Far-field input in an audio system refers to an audio signal originating a far distance from the microphone(s). Far-field input may be from a person in a large room, a musician in a large hall, or a crowd in a stadium. Far-field input is contrasted by near-field input, which is an audio signal originating near the microphone(s). An example near-field input is a talker speaking into a cellular phone during a telephone call. Processing audio signals in the far field present additional challenges because the strength of an audio signal decays proportional to the distance of the source from the microphone. The farther a person is from a microphone, the quieter the person's voice is when it reaches the microphone. Furthermore, the presence of noise sources near the desired source can interfere with the person's voice. For example, a radio playing in the room that a person is talking makes the person difficult to hear. When the person is close to the microphone, such as in near-field processing, the person's voice is higher in amplitude than the radio. When the person is far from the microphone, such as in far-field processing, the person's voice is the same or lower in amplitude than the radio. Thus, the person's voice is more difficult to distinguish from the radio in far-field processing.
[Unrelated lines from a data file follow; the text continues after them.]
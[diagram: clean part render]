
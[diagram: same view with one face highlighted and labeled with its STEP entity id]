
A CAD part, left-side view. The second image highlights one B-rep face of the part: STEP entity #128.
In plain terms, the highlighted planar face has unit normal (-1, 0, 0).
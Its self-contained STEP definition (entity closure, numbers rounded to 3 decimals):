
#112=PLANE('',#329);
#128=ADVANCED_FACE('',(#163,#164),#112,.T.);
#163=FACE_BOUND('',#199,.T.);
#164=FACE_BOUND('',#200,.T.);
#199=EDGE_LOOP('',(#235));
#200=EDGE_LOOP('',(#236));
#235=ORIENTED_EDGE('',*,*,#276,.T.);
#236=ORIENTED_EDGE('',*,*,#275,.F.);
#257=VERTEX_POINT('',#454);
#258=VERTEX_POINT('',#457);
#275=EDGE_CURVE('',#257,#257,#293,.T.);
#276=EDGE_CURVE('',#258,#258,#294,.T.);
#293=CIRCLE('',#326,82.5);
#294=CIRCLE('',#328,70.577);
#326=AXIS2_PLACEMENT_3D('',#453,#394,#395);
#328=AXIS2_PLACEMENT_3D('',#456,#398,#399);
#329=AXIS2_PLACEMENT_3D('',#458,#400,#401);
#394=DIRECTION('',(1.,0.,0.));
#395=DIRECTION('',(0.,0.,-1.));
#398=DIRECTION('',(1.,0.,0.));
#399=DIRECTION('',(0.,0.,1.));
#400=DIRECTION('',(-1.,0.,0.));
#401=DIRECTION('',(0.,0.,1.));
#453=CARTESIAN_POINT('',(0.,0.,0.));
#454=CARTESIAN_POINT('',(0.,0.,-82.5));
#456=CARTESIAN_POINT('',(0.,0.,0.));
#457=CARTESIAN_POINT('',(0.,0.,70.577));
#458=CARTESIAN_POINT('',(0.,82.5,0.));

One use for far-field technology is in smart home devices. A smart home device is an electronic device configured to receive user speech input, process the speech input, and take an action based on the speech input. An example smart home device in a room is shown in FIG. 1. A living room 100 may include a smart home device 104. The smart home device 104 may include a microphone, a speaker, and electronic components for receiving speech input. Individuals 102A and 102B may be in the room and communicating with each other or speaking to the smart home device 104. Individuals 102A and 102B may be moving around the room, moving their heads, putting their hands over their face, or taking other actions that change how the smart home device 104 receives their voices. Also in the living room 100 may be sources of noise, audio signals that are not intended to activate the smart home device 104 or that interfere with the smart home device 104's reception of speech from individuals 102A and 102B. Some sources of noise include a television 110A and a radio 110B. Other sources of noise not illustrated may include washing machines, dish washers, sinks, vacuums, etc.
The smart home device 104 may incorrectly process voice commands because of the noise sources. Speech from the individuals 102A and 102B may not be recognizable by the smart home device 104 because the amplitude of noise drowns out the individual's speech. Additionally, speech from a noise source, such as television 110A, may be incorrectly recognized as a speech command. For example, a commercial on the television 110A may encourage a user to “buy product X” and the smart home device 104 may process the speech and automatically order product X. Additionally, speech from the individuals 102A and 102B may be incorrectly processed. For example, user speech for “buy backpacks” may be incorrectly recognized as “buy batteries” due to interference from the noise sources.
Shortcomings mentioned here are only representative and are included simply to highlight that a need exists for improved electrical components, particularly for audio processing employed in consumer-level devices, such as audio processing for far-field sounds in smart home devices. Embodiments described herein address certain shortcomings but not necessarily each and every one described here or known in the art. Furthermore, embodiments described herein may present other benefits than, and be used in other applications than, those of the shortcomings described above. For example, similar shortcomings may be encountered in other audio devices, such as mobile phones, and embodiments described herein may be used in mobile phones to solve such similar shortcomings as well as other shortcomings.